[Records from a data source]
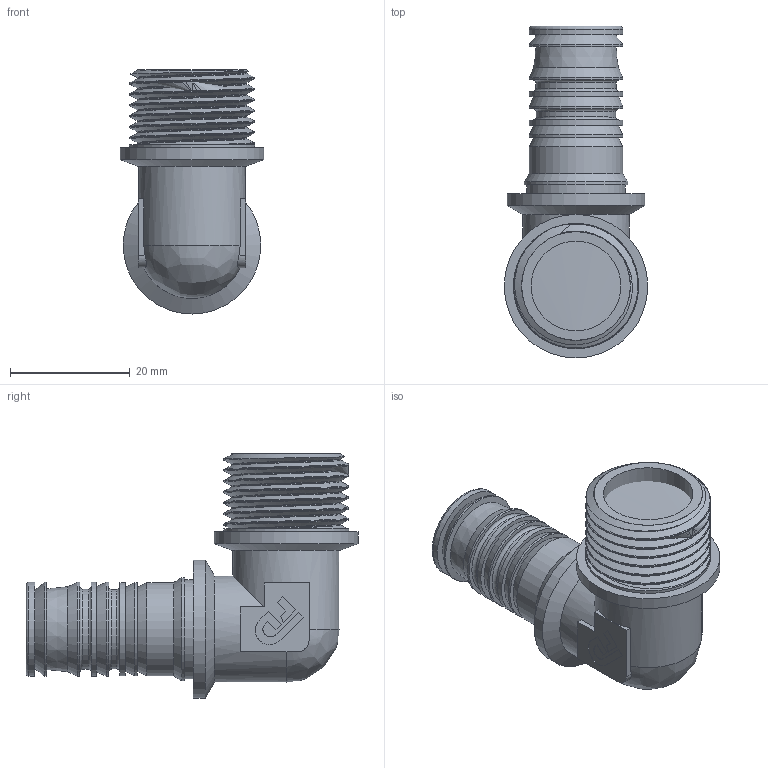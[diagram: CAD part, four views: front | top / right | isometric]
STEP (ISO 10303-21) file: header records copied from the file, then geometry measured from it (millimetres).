
FILE_DESCRIPTION(/* description */ (''),/* implementation_level */ '2;1');
FILE_NAME(/* name */ 'C:\Users\Doom\Desktop\Фадотех\Пресс\HDU23-1 31.03.2020\HDU23-1 31.03.2020.stp',/* time_stamp */ '2022-08-13T15:47:45+03:00',/* author */ ('Doom'),/* organization */ (''),/* preprocessor_version */ 'ST-DEVELOPER v18',/* originating_system */ 'Autodesk Inventor 2020',/* authorisation */ '');
FILE_SCHEMA (('AUTOMOTIVE_DESIGN { 1 0 10303 214 3 1 1 }'));
Length unit declared in the file: millimetre
Products named in the file (1): HDU23-1 31.03.2020
Bounding box: 24 x 55.5 x 40.8 mm (x, y, z)
Volume: 8453.3 mm3; surface area: 10397.2 mm2
Topology: 2 solids, 2 shells, 127 faces, 358 edges, 250 vertices
Faces by surface type: plane 61, cylinder 31, bspline 16, cone 14, torus 5
Full cylindrical faces by diameter (mm): 11.5 x1, 13.292 x1, 13.392 x1, 15 x1, 15.592 x3, 15.692 x5, 16.492 x1, 17.292 x1, 17.8 x2, 18.21 x2, 20.9 x7, 23 x1, 24 x1
Entity records: 8291 total; most frequent: CARTESIAN_POINT 4981, ORIENTED_EDGE 716, DIRECTION 635, EDGE_CURVE 358, VERTEX_POINT 250, AXIS2_PLACEMENT_3D 234, LINE 167, VECTOR 167

> _WORK TASK_
The output should consist of every entry above, printed exactly, with the images removed.

> _FINAL ANSWER_
[diagram: CAD part, four views: front | top / right | isometric]
STEP (ISO 10303-21) file: header records copied from the file, then geometry measured from it (millimetres).
FILE_DESCRIPTION(/* description */ (''),/* implementation_level */ '2;1');
FILE_NAME(/* name */ 'C:\Users\Doom\Desktop\Фадотех\Пресс\HDU23-1 31.03.2020\HDU23-1 31.03.2020.stp',/* time_stamp */ '2022-08-13T15:47:45+03:00',/* author */ ('Doom'),/* organization */ (''),/* preprocessor_version */ 'ST-DEVELOPER v18',/* originating_system */ 'Autodesk Inventor 2020',/* authorisation */ '');
FILE_SCHEMA (('AUTOMOTIVE_DESIGN { 1 0 10303 214 3 1 1 }'));
Length unit declared in the file: millimetre
Products named in the file (1): HDU23-1 31.03.2020
Bounding box: 24 x 55.5 x 40.8 mm (x, y, z)
Volume: 8453.3 mm3; surface area: 10397.2 mm2
Topology: 2 solids, 2 shells, 127 faces, 358 edges, 250 vertices
Faces by surface type: plane 61, cylinder 31, bspline 16, cone 14, torus 5
Full cylindrical faces by diameter (mm): 11.5 x1, 13.292 x1, 13.392 x1, 15 x1, 15.592 x3, 15.692 x5, 16.492 x1, 17.292 x1, 17.8 x2, 18.21 x2, 20.9 x7, 23 x1, 24 x1
Entity records: 8291 total; most frequent: CARTESIAN_POINT 4981, ORIENTED_EDGE 716, DIRECTION 635, EDGE_CURVE 358, VERTEX_POINT 250, AXIS2_PLACEMENT_3D 234, LINE 167, VECTOR 167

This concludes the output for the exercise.